Scanners are widespread probes of the Internet to obtain information about a host or network such as types of computers, services, open ports, local IP range and connections. Network administrators often use scanners, such as Domain Name Server (DNS) queries, IP address queries, ping sweeps, port scans, and etc., for monitoring, reporting and trouble-shooting network and systems activities, while hackers can take advantage of them to locate common security weaknesses in a particular network or host before attacking.

There are two types of scanners: network auditing tools and host-based static auditing tools. Network auditing tools are used to scan a remote host or series of hosts on a network and reveal as much information as possible about the network. Host-based static auditing tools are used to scan a local host and reveal as much information as possible about the local host.

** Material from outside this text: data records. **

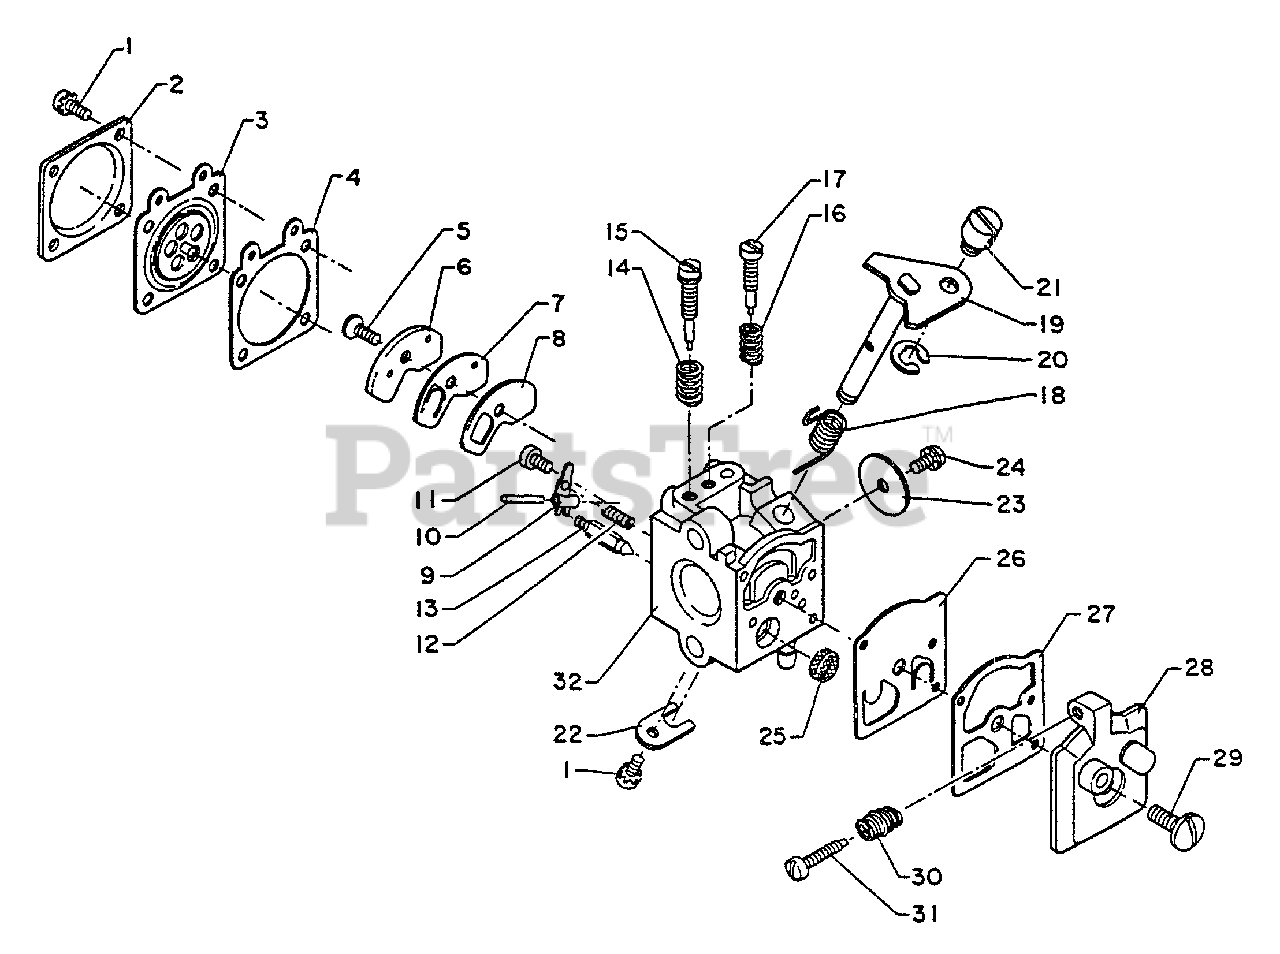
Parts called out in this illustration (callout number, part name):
1	REPAIR KIT
2	COVER, METERING
3	REPAIR KIT
4	REPAIR KIT
5	REPAIR KIT
6	PLATE, CIRCUIT
7	REPAIR KIT
8	REPAIR KIT
9	REPAIR KIT
10	REPAIR KIT
11	REPAIR KIT
12	REPAIR KIT
13	REPAIR KIT
14	REPAIR KIT
15	NEEDLE - HIGH SPEED
16	REPAIR KIT
17	NEEDLE - LOW SPEED
18	SPRING, THROTTLE RETURN
19	SHAFT, THROTTLE
20	RING, RETAINING
22	CLIP, THROTTLE SHAFT
23	VALVE, THROTTLE
25	REPAIR KIT
26	REPAIR KIT
27	REPAIR KIT
28	COVER, PUMP
29	SCREW, PUMP COVER
30	SPRING, IDLE ADJUST
31	SCREW, IDLE ADJUST
32	BODY, CARBURETOR
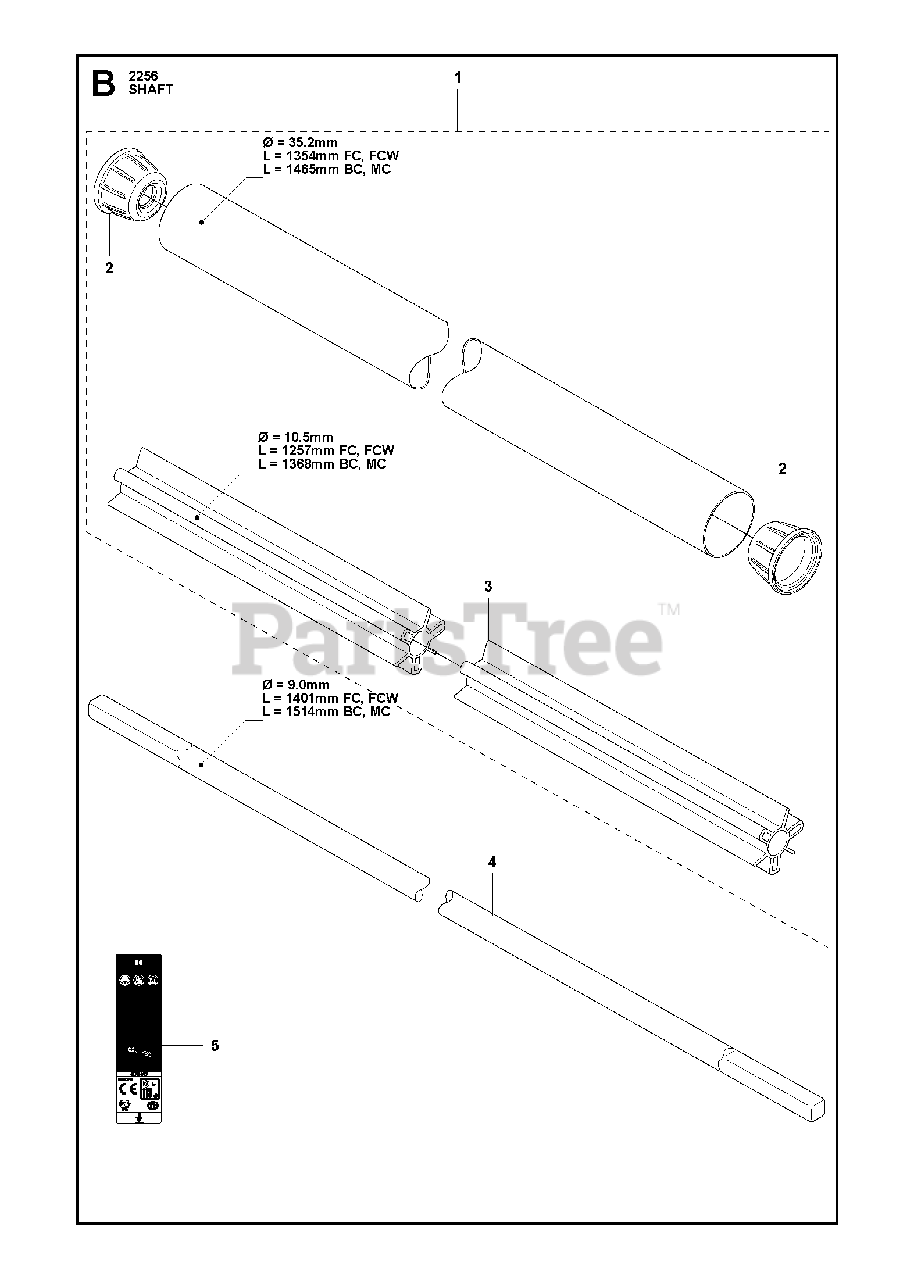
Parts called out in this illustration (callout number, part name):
1	TUBE ASSY
2	RP SPACER
3	BEARING SHAFT
4	DRIVE SHAFT

Using network auditing tools, hackers are often able to gather enough essential information to identify security related vulnerabilities of each host on a network. For example, hackers can obtain information such as,

- host machines that are connected to the target network and that respond

- host IP addresses

- host machine types

- operating system running on hosts

- network configurations and connections

- services available on the responding hosts (i.e., web servers)

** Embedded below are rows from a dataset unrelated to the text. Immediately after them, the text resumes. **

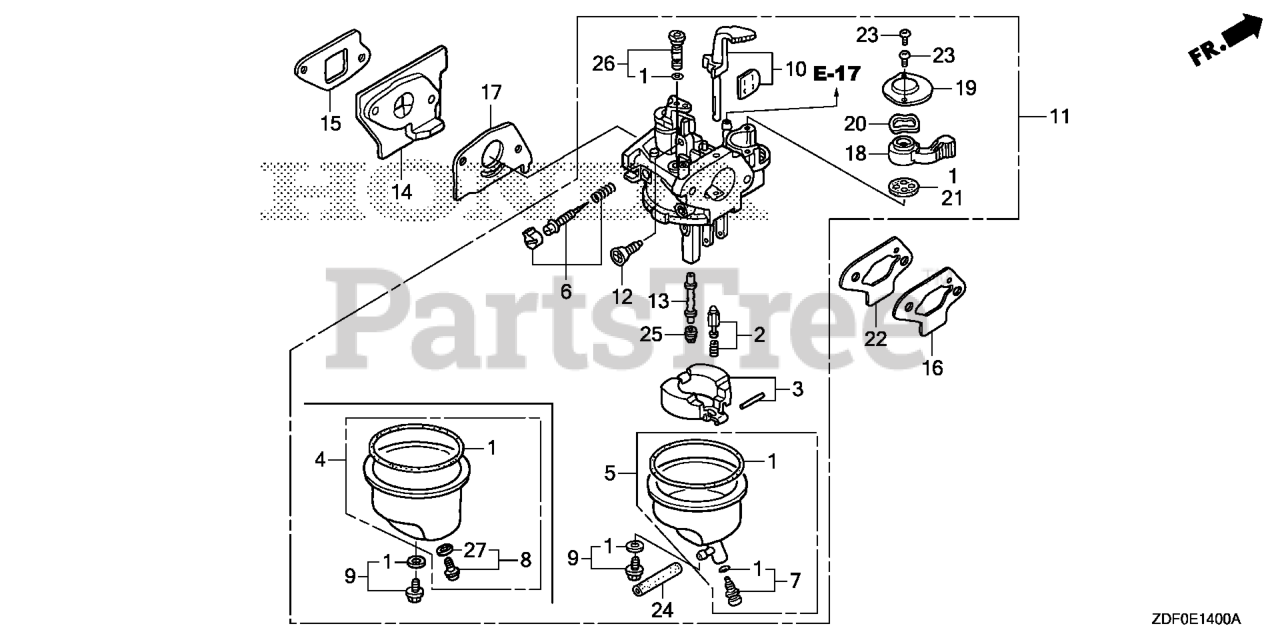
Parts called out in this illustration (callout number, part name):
1	GASKET SET
2	VALVE SET, FLOAT (CARBURETOR NO.) (SEAT NOT INCLUDED)
5	CHAMBER SET, FLOAT (CARBURETOR NO.)
6	SCREW SET
7	SCREW SET, DRAIN (CARBURETOR NO.)
9	SCREW SET (CARBURETOR NO.)
10	CHOKE SET (CARBURETOR NO.)
11	CARBURETOR ASSY. (BF32G A)
12	SCREW, THROTTLE STOP
13	NOZZLE, MAIN
14	INSULATOR, CARBURETOR
15	GASKET, INSULATOR (ENGINE NO.)
16	SPACER, CARBURETOR
17	GASKET, CARBURETOR
18	LEVER, VALVE (CARBURETOR NO.)
19	PLATE, LEVER SETTING (CARBURETOR NO.)
20	SPRING, PETCOCK LEVER (CARBURETOR NO.)
21	GASKET, VALVE
22	GASKET, AIR CLEANER
23	SCREW, PAN (3X6)
24	BULK HOSE, VINYL (3.5X6.5X8000) (9500(95003-05001-60M) (CARBURETOR NO.)
25	JET, MAIN (#50) Use from Engine SN BF12A B.
25	JET, MAIN (#52) Use from Engine SN BF12A B.
25	JET, MAIN (#55) Use from Engine SN BF22B D.
26	JET SET, PILOT (#38)

- version of services available on the responding hosts

- etc..

Hacker always look into version of a service because certain version of a particular service has publicly known security holes (i.e., sendmail can be tricked into running bad commands). In addition to the above information, hackers also examine possibilities to remotely execute certain commands or tools, or run remote access utilities, such as remote execute (rexecute) or remote shell access (rsh) which provides the ability to run commands on a remote system without entering a password. Examples of network auditing tools are SATAN and ISS.

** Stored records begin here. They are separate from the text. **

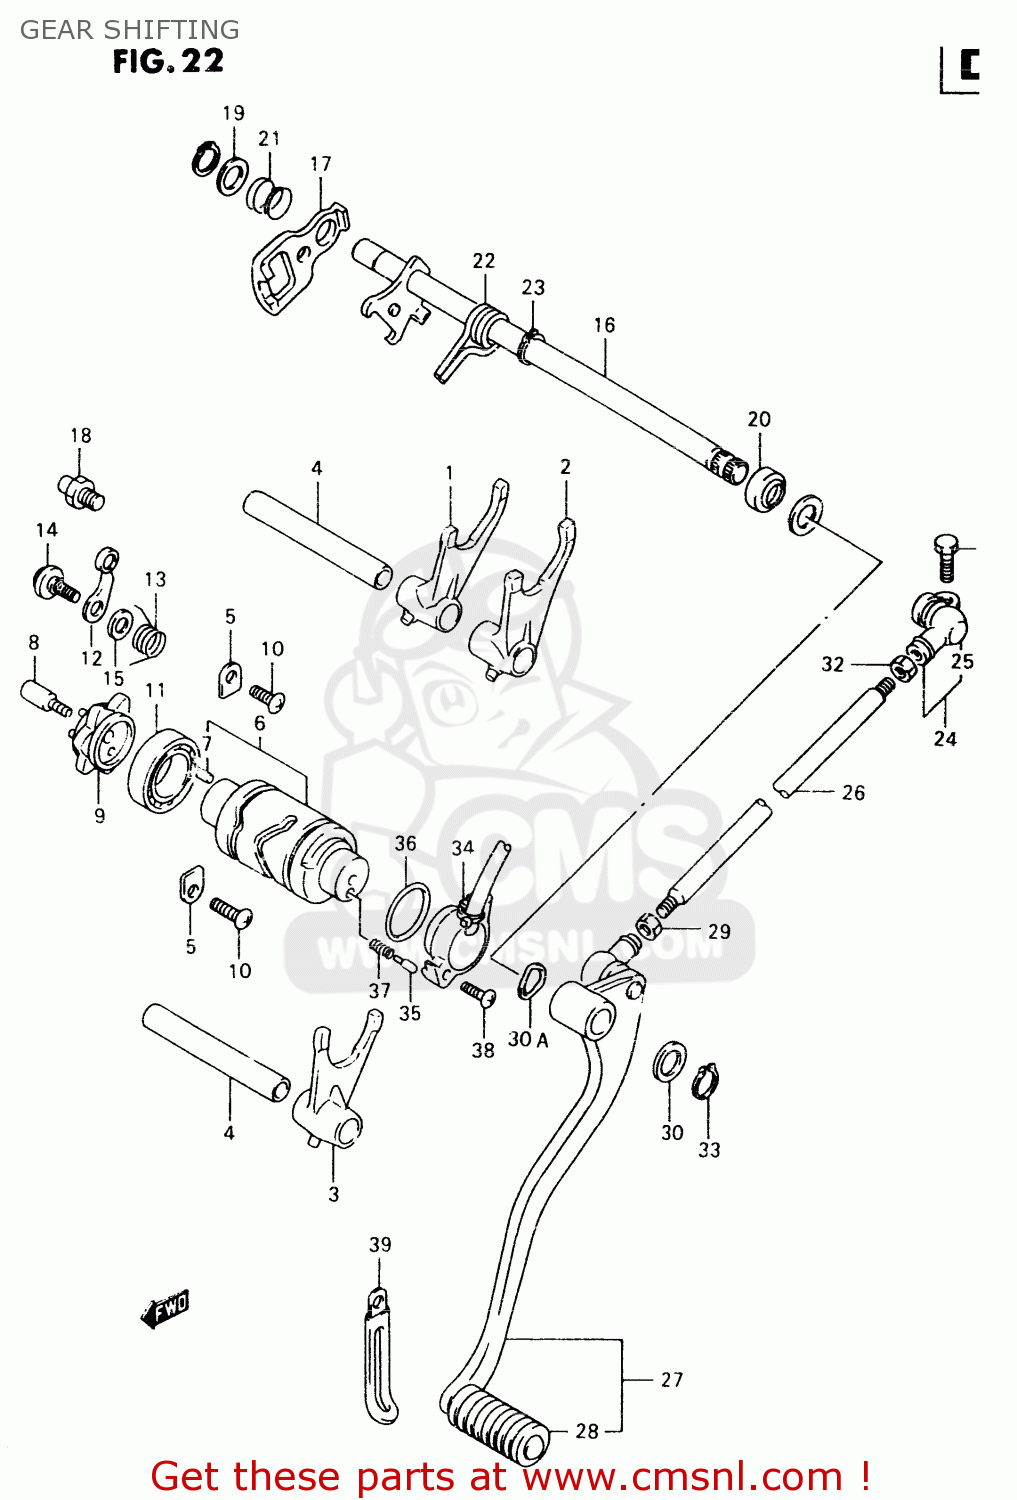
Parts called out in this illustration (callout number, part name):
1	FORK,GEAR SHIFT NO.1
2	FORK,GEAR SHIFT NO.2
3	FORK,GEAR SHIFT NO.3
4	SHAFT,GEAR SHIFT FORK NO.1
5	RETAINER
6	CAM,GEAR SHIFT
7	PIN
8	PIN,SHIFT CAM DRIVEN GEAR
9	PLATE,GEAR SHIFT CAM
10	SCREW
11	BEARING
12	STOPPER,GEAR SHIFT CAM
13	SPRING,SHIFT CAM STOPPER
14	BOLT(6X14.3)
15	WASHER
16	SHAFT,GEAR SHIFT
17	PLATE,GEAR SHIFT CAM D
18	STOPPER,GEAR SHIFT CAM
19	SHIM(14X22X1)
20	SEAL,OIL(14X22X6)
21	SPRING
22	SPRING
23	CIRCLIP
24	ARM,GEAR SHIFT SHAFT
25	COVER,DUST
26	ROD,GEAR SHIFT LINK
27	LEVER ASSY,GEAR SHIFT
28	RUBBER,GEAR SHIFT PEDAL
29	NUT
30	WASHER(12.5X20X1)
30A	WASHER
31	BOLT
32	NUT
33	CIRCLIP,12 MM
34	BASE ASSY,GEAR SHIFT TERMINAL
35	PIN(5X15.5)
36	O RING(D:2.4,ID:25.7)
37	SPRING
38	SCREW
39	CLAMP L:62

Using host-based static auditing tools, hackers are able to obtain necessary information to identify security vulnerabilities of a local host. Such information includes:

- permission in files, directories, and devices

- poor security for password and easy-to-guess passwords

- known vulnerable services running on the local host

- signs of past intrusions

Once they get these information, hacker can apply local exploit tools (discussed later) and gain access to poorly protected files, directories and devices, and find the password that enable unauthorized privileged access. Local vulnerable services (i.e., fingerd, or anonymous FTP configuration), which are found locally, can be exploited by remote exploits tools as discussed next. Also hackers use signs of past intrusions to identify any loopholes (backdoors) left from previous attacks to easily gain control of the host. Examples of host-based static auditing tools are COPS and TIGER.

Remote exploits tools

A remote exploit is a program, or method, that can be used by a person who has no existing account, to penetrate a remote machine. Remote exploits often associates with services provided by hosts in a network. They take advantages of security weakness of those services, and are among the most feared and hardly guarded tool sets. Examples of remote exploits are:

- Buffer overflow technique used by worm to attack fingerd, a daemon that provides an interface to the “finger” program at most network sites. The “finger” program is used to return a user-friendly status report on a network. Fingerd’s memory can be over its limit when there are too many incoming requests.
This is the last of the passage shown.